== EXERCISE PROMPT ==
Report each line of the data below in which "origin" appears.
(EXERCISE INPUTS begins)
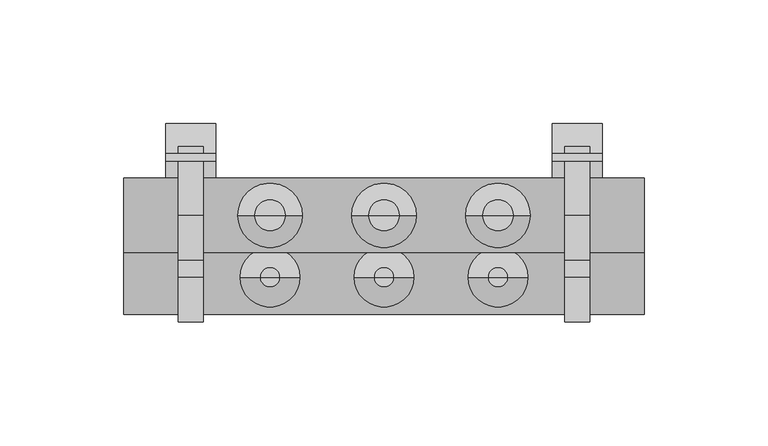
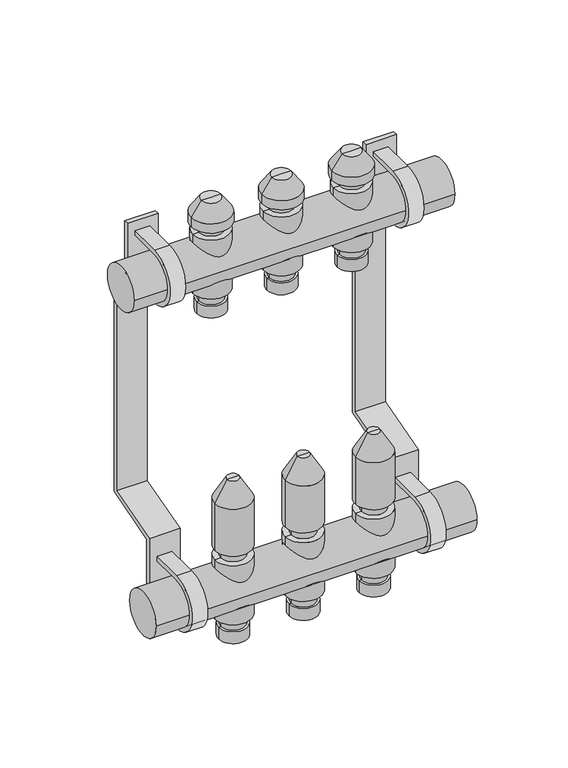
"""IFC4 building model written with IfcOpenShell, lengths in millimetres: valve geometry, PL AT_Manifold_FT-EV : 03 circuits."""

from ifc_helpers import new_model, si_unit, point, frame, frame_2d, origin, origin_2d, place, context, project, spatial, polyline, circle_curve, trimmed, segment, composite_curve, outline, extrude, source, transform, mapped, element, save
from ifc_brep_helpers import plane_surface, cylinder_surface, revolved_surface, advanced_brep


def valve_5e9e6dc7(model_context):
    return source(origin(), model_context, "Body", "SolidModel", [
        advanced_brep(
        [(78.5, 0.0, -35.11267), (97.5, 0.0, -35.11267), (88.0, 0.0, -35.11267), (78.5, 0.0, -27.0369646), (97.5, 0.0, -27.0369646), (80.0, 0.0, -27.0369646), (96.0, 0.0, -27.0369646), (80.0, 0.0, -20.330253), (96.0, 0.0, -20.330253), (76.0, 0.0, -20.330253), (100.0, 0.0, -20.330253), (76.0, 0.0, 20.330253), (100.0, 0.0, 20.330253), (80.0, 0.0, 20.330253), (96.0, 0.0, 20.330253), (80.0, 0.0, 27.0474786), (96.0, 0.0, 27.0474786), (76.0, 0.0, 27.0474786), (100.0, 0.0, 27.0474786), (76.0, 0.0, 59.4084325), (100.0, 0.0, 59.4084325), (84.0, 0.0, 73.264839), (92.0, 0.0, 73.264839), (88.0, 0.0, 73.264839)],
        [
            (0, 1, circle_curve(frame((88.0, 0.0, -35.11267), z_axis=(0.0, 0.0, -1.0), x_axis=(1.0, 0.0, 0.0)), 9.5)),
            (1, 2),
            (2, 0),
            (1, 0, circle_curve(frame((88.0, 0.0, -35.11267), z_axis=(0.0, 0.0, -1.0), x_axis=(1.0, 0.0, 0.0)), 9.5)),
            (3, 4, circle_curve(frame((88.0, 0.0, -27.0369646), z_axis=(0.0, 0.0, -1.0), x_axis=(1.0, 0.0, 0.0)), 9.5)),
            (4, 1),
            (0, 3),
            (4, 3, circle_curve(frame((88.0, 0.0, -27.0369646), z_axis=(0.0, 0.0, -1.0), x_axis=(1.0, 0.0, 0.0)), 9.5)),
            (5, 6, circle_curve(frame((88.0, 0.0, -27.0369646), z_axis=(0.0, 0.0, -1.0), x_axis=(1.0, 0.0, 0.0)), 8.0)),
            (6, 4),
            (3, 5),
            (6, 5, circle_curve(frame((88.0, 0.0, -27.0369646), z_axis=(0.0, 0.0, -1.0), x_axis=(1.0, 0.0, 0.0)), 8.0)),
            (7, 8, circle_curve(frame((88.0, 0.0, -20.330253), z_axis=(0.0, 0.0, -1.0), x_axis=(1.0, 0.0, 0.0)), 8.0)),
            (8, 6),
            (5, 7),
            (8, 7, circle_curve(frame((88.0, 0.0, -20.330253), z_axis=(0.0, 0.0, -1.0), x_axis=(1.0, 0.0, 0.0)), 8.0)),
            (9, 10, circle_curve(frame((88.0, 0.0, -20.330253), z_axis=(0.0, 0.0, -1.0), x_axis=(1.0, 0.0, 0.0)), 12.0)),
            (10, 8),
            (7, 9),
            (10, 9, circle_curve(frame((88.0, 0.0, -20.330253), z_axis=(0.0, 0.0, -1.0), x_axis=(1.0, 0.0, 0.0)), 12.0)),
            (11, 12, circle_curve(frame((88.0, 0.0, 20.330253), z_axis=(0.0, 0.0, -1.0), x_axis=(1.0, 0.0, 0.0)), 12.0)),
            (12, 10),
            (9, 11),
            (12, 11, circle_curve(frame((88.0, 0.0, 20.330253), z_axis=(0.0, 0.0, -1.0), x_axis=(1.0, 0.0, 0.0)), 12.0)),
            (13, 14, circle_curve(frame((88.0, 0.0, 20.330253), z_axis=(0.0, 0.0, -1.0), x_axis=(1.0, 0.0, 0.0)), 8.0)),
            (14, 12),
            (11, 13),
            (14, 13, circle_curve(frame((88.0, 0.0, 20.330253), z_axis=(0.0, 0.0, -1.0), x_axis=(1.0, 0.0, 0.0)), 8.0)),
            (15, 16, circle_curve(frame((88.0, 0.0, 27.0474786), z_axis=(0.0, 0.0, -1.0), x_axis=(1.0, 0.0, 0.0)), 8.0)),
            (16, 14),
            (13, 15),
            (16, 15, circle_curve(frame((88.0, 0.0, 27.0474786), z_axis=(0.0, 0.0, -1.0), x_axis=(1.0, 0.0, 0.0)), 8.0)),
            (17, 18, circle_curve(frame((88.0, 0.0, 27.0474786), z_axis=(0.0, 0.0, -1.0), x_axis=(1.0, 0.0, 0.0)), 12.0)),
            (18, 16),
            (15, 17),
            (18, 17, circle_curve(frame((88.0, 0.0, 27.0474786), z_axis=(0.0, 0.0, -1.0), x_axis=(1.0, 0.0, 0.0)), 12.0)),
            (19, 20, circle_curve(frame((88.0, 0.0, 59.4084325), z_axis=(0.0, 0.0, -1.0), x_axis=(1.0, 0.0, 0.0)), 12.0)),
            (20, 18),
            (17, 19),
            (20, 19, circle_curve(frame((88.0, 0.0, 59.4084325), z_axis=(0.0, 0.0, -1.0), x_axis=(1.0, 0.0, 0.0)), 12.0)),
            (21, 22, circle_curve(frame((88.0, 0.0, 73.264839), z_axis=(0.0, 0.0, -1.0), x_axis=(1.0, 0.0, 0.0)), 4.0)),
            (22, 20),
            (19, 21),
            (22, 21, circle_curve(frame((88.0, 0.0, 73.264839), z_axis=(0.0, 0.0, -1.0), x_axis=(1.0, 0.0, 0.0)), 4.0)),
            (23, 22),
            (21, 23),
        ],
        [
            plane_surface(frame((88.0, 0.0, -35.11267), z_axis=(0.0, 0.0, -1.0), x_axis=(1.0, 0.0, 0.0))),
            cylinder_surface(frame((88.0, 0.0, 58.264839), z_axis=(0.0, 0.0, 1.0), x_axis=(1.0, 0.0, 0.0)), 9.5),
            plane_surface(frame((88.0, 0.0, -27.0369646), z_axis=(0.0, 0.0, 1.0), x_axis=(1.0, 0.0, 0.0))),
            cylinder_surface(frame((88.0, 0.0, 58.264839), z_axis=(0.0, 0.0, 1.0), x_axis=(1.0, 0.0, 0.0)), 8.0),
            plane_surface(frame((88.0, 0.0, -20.330253), z_axis=(0.0, 0.0, -1.0), x_axis=(1.0, 0.0, 0.0))),
            cylinder_surface(frame((88.0, 0.0, 58.264839), z_axis=(0.0, 0.0, 1.0), x_axis=(1.0, 0.0, 0.0)), 12.0),
            plane_surface(frame((88.0, 0.0, 20.330253), z_axis=(0.0, 0.0, 1.0), x_axis=(1.0, 0.0, 0.0))),
            plane_surface(frame((88.0, 0.0, 27.0474786), z_axis=(0.0, 0.0, -1.0), x_axis=(1.0, 0.0, 0.0))),
            revolved_surface(polyline([(100.0, 0.0, 59.4084325), (92.0, 0.0, 73.264839)]), (88.0, 0.0, 58.264839), (0.0, 0.0, 1.0)),
            plane_surface(frame((88.0, 0.0, 73.264839), z_axis=(0.0, 0.0, 1.0), x_axis=(1.0, 0.0, 0.0))),
        ],
        [
            (0, [[1, 2, 3]]),
            (0, [[4, -3, -2]]),
            (1, [[5, 6, -1, 7]]),
            (1, [[8, -7, -4, -6]]),
            (2, [[9, 10, -5, 11]]),
            (2, [[12, -11, -8, -10]]),
            (3, [[13, 14, -9, 15]]),
            (3, [[16, -15, -12, -14]]),
            (4, [[17, 18, -13, 19]]),
            (4, [[20, -19, -16, -18]]),
            (5, [[21, 22, -17, 23]]),
            (5, [[24, -23, -20, -22]]),
            (6, [[25, 26, -21, 27]]),
            (6, [[28, -27, -24, -26]]),
            (3, [[29, 30, -25, 31]]),
            (3, [[32, -31, -28, -30]]),
            (7, [[33, 34, -29, 35]]),
            (7, [[36, -35, -32, -34]]),
            (5, [[37, 38, -33, 39]]),
            (5, [[40, -39, -36, -38]]),
            (8, [[41, 42, -37, 43]]),
            (8, [[44, -43, -40, -42]]),
            (9, [[45, -41, 46]]),
            (9, [[-46, -44, -45]]),
        ],
    ),
        advanced_brep(
        [(78.5, 25.0, 174.88733), (97.5, 25.0, 174.88733), (88.0, 25.0, 174.88733), (78.5, 25.0, 182.9630354), (97.5, 25.0, 182.9630354), (80.0, 25.0, 182.9630354), (96.0, 25.0, 182.9630354), (80.0, 25.0, 189.669747), (96.0, 25.0, 189.669747), (76.0, 25.0, 189.669747), (100.0, 25.0, 189.669747), (76.0, 25.0, 230.330253), (100.0, 25.0, 230.330253), (80.0, 25.0, 230.330253), (96.0, 25.0, 230.330253), (80.0, 25.0, 236.0474786), (96.0, 25.0, 236.0474786), (75.0, 25.0, 236.0474786), (101.0, 25.0, 236.0474786), (75.0, 25.0, 242.337955), (101.0, 25.0, 242.337955), (81.6551779, 25.0, 251.842534), (94.3448221, 25.0, 251.842534), (88.0, 25.0, 251.842534)],
        [
            (0, 1, circle_curve(frame((88.0, 25.0, 174.88733), z_axis=(0.0, 0.0, -1.0), x_axis=(1.0, 0.0, 0.0)), 9.5)),
            (1, 2),
            (2, 0),
            (1, 0, circle_curve(frame((88.0, 25.0, 174.88733), z_axis=(0.0, 0.0, -1.0), x_axis=(1.0, 0.0, 0.0)), 9.5)),
            (3, 4, circle_curve(frame((88.0, 25.0, 182.9630354), z_axis=(0.0, 0.0, -1.0), x_axis=(1.0, 0.0, 0.0)), 9.5)),
            (4, 1),
            (0, 3),
            (4, 3, circle_curve(frame((88.0, 25.0, 182.9630354), z_axis=(0.0, 0.0, -1.0), x_axis=(1.0, 0.0, 0.0)), 9.5)),
            (5, 6, circle_curve(frame((88.0, 25.0, 182.9630354), z_axis=(0.0, 0.0, -1.0), x_axis=(1.0, 0.0, 0.0)), 8.0)),
            (6, 4),
            (3, 5),
            (6, 5, circle_curve(frame((88.0, 25.0, 182.9630354), z_axis=(0.0, 0.0, -1.0), x_axis=(1.0, 0.0, 0.0)), 8.0)),
            (7, 8, circle_curve(frame((88.0, 25.0, 189.669747), z_axis=(0.0, 0.0, -1.0), x_axis=(1.0, 0.0, 0.0)), 8.0)),
            (8, 6),
            (5, 7),
            (8, 7, circle_curve(frame((88.0, 25.0, 189.669747), z_axis=(0.0, 0.0, -1.0), x_axis=(1.0, 0.0, 0.0)), 8.0)),
            (9, 10, circle_curve(frame((88.0, 25.0, 189.669747), z_axis=(0.0, 0.0, -1.0), x_axis=(1.0, 0.0, 0.0)), 12.0)),
            (10, 8),
            (7, 9),
            (10, 9, circle_curve(frame((88.0, 25.0, 189.669747), z_axis=(0.0, 0.0, -1.0), x_axis=(1.0, 0.0, 0.0)), 12.0)),
            (11, 12, circle_curve(frame((88.0, 25.0, 230.330253), z_axis=(0.0, 0.0, -1.0), x_axis=(1.0, 0.0, 0.0)), 12.0)),
            (12, 10),
            (9, 11),
            (12, 11, circle_curve(frame((88.0, 25.0, 230.330253), z_axis=(0.0, 0.0, -1.0), x_axis=(1.0, 0.0, 0.0)), 12.0)),
            (13, 14, circle_curve(frame((88.0, 25.0, 230.330253), z_axis=(0.0, 0.0, -1.0), x_axis=(1.0, 0.0, 0.0)), 8.0)),
            (14, 12),
            (11, 13),
            (14, 13, circle_curve(frame((88.0, 25.0, 230.330253), z_axis=(0.0, 0.0, -1.0), x_axis=(1.0, 0.0, 0.0)), 8.0)),
            (15, 16, circle_curve(frame((88.0, 25.0, 236.0474786), z_axis=(0.0, 0.0, -1.0), x_axis=(1.0, 0.0, 0.0)), 8.0)),
            (16, 14),
            (13, 15),
            (16, 15, circle_curve(frame((88.0, 25.0, 236.0474786), z_axis=(0.0, 0.0, -1.0), x_axis=(1.0, 0.0, 0.0)), 8.0)),
            (17, 18, circle_curve(frame((88.0, 25.0, 236.0474786), z_axis=(0.0, 0.0, -1.0), x_axis=(1.0, 0.0, 0.0)), 13.0)),
            (18, 16),
            (15, 17),
            (18, 17, circle_curve(frame((88.0, 25.0, 236.0474786), z_axis=(0.0, 0.0, -1.0), x_axis=(1.0, 0.0, 0.0)), 13.0)),
            (19, 20, circle_curve(frame((88.0, 25.0, 242.337955), z_axis=(0.0, 0.0, -1.0), x_axis=(1.0, 0.0, 0.0)), 13.0)),
            (20, 18),
            (17, 19),
            (20, 19, circle_curve(frame((88.0, 25.0, 242.337955), z_axis=(0.0, 0.0, -1.0), x_axis=(1.0, 0.0, 0.0)), 13.0)),
            (21, 22, circle_curve(frame((88.0, 25.0, 251.842534), z_axis=(0.0, 0.0, -1.0), x_axis=(1.0, 0.0, 0.0)), 6.3448221)),
            (22, 20),
            (19, 21),
            (22, 21, circle_curve(frame((88.0, 25.0, 251.842534), z_axis=(0.0, 0.0, -1.0), x_axis=(1.0, 0.0, 0.0)), 6.3448221)),
            (23, 22),
            (21, 23),
        ],
        [
            plane_surface(frame((88.0, 25.0, 174.88733), z_axis=(0.0, 0.0, -1.0), x_axis=(1.0, 0.0, 0.0))),
            cylinder_surface(frame((88.0, 25.0, 247.7026565), z_axis=(0.0, 0.0, 1.0), x_axis=(1.0, 0.0, 0.0)), 9.5),
            plane_surface(frame((88.0, 25.0, 182.9630354), z_axis=(0.0, 0.0, 1.0), x_axis=(1.0, 0.0, 0.0))),
            cylinder_surface(frame((88.0, 25.0, 247.7026565), z_axis=(0.0, 0.0, 1.0), x_axis=(1.0, 0.0, 0.0)), 8.0),
            plane_surface(frame((88.0, 25.0, 189.669747), z_axis=(0.0, 0.0, -1.0), x_axis=(1.0, 0.0, 0.0))),
            cylinder_surface(frame((88.0, 25.0, 247.7026565), z_axis=(0.0, 0.0, 1.0), x_axis=(1.0, 0.0, 0.0)), 12.0),
            plane_surface(frame((88.0, 25.0, 230.330253), z_axis=(0.0, 0.0, 1.0), x_axis=(1.0, 0.0, 0.0))),
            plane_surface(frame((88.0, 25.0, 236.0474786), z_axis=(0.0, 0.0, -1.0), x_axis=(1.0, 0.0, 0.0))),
(EXERCISE INPUTS ends)
== REPLY TO THE TASK ==
from ifc_helpers import new_model, si_unit, point, frame, frame_2d, origin, origin_2d, place, context, project, spatial, polyline, circle_curve, trimmed, segment, composite_curve, outline, extrude, source, transform, mapped, element, save
    return source(origin(), model_context, "Body", "SolidModel", [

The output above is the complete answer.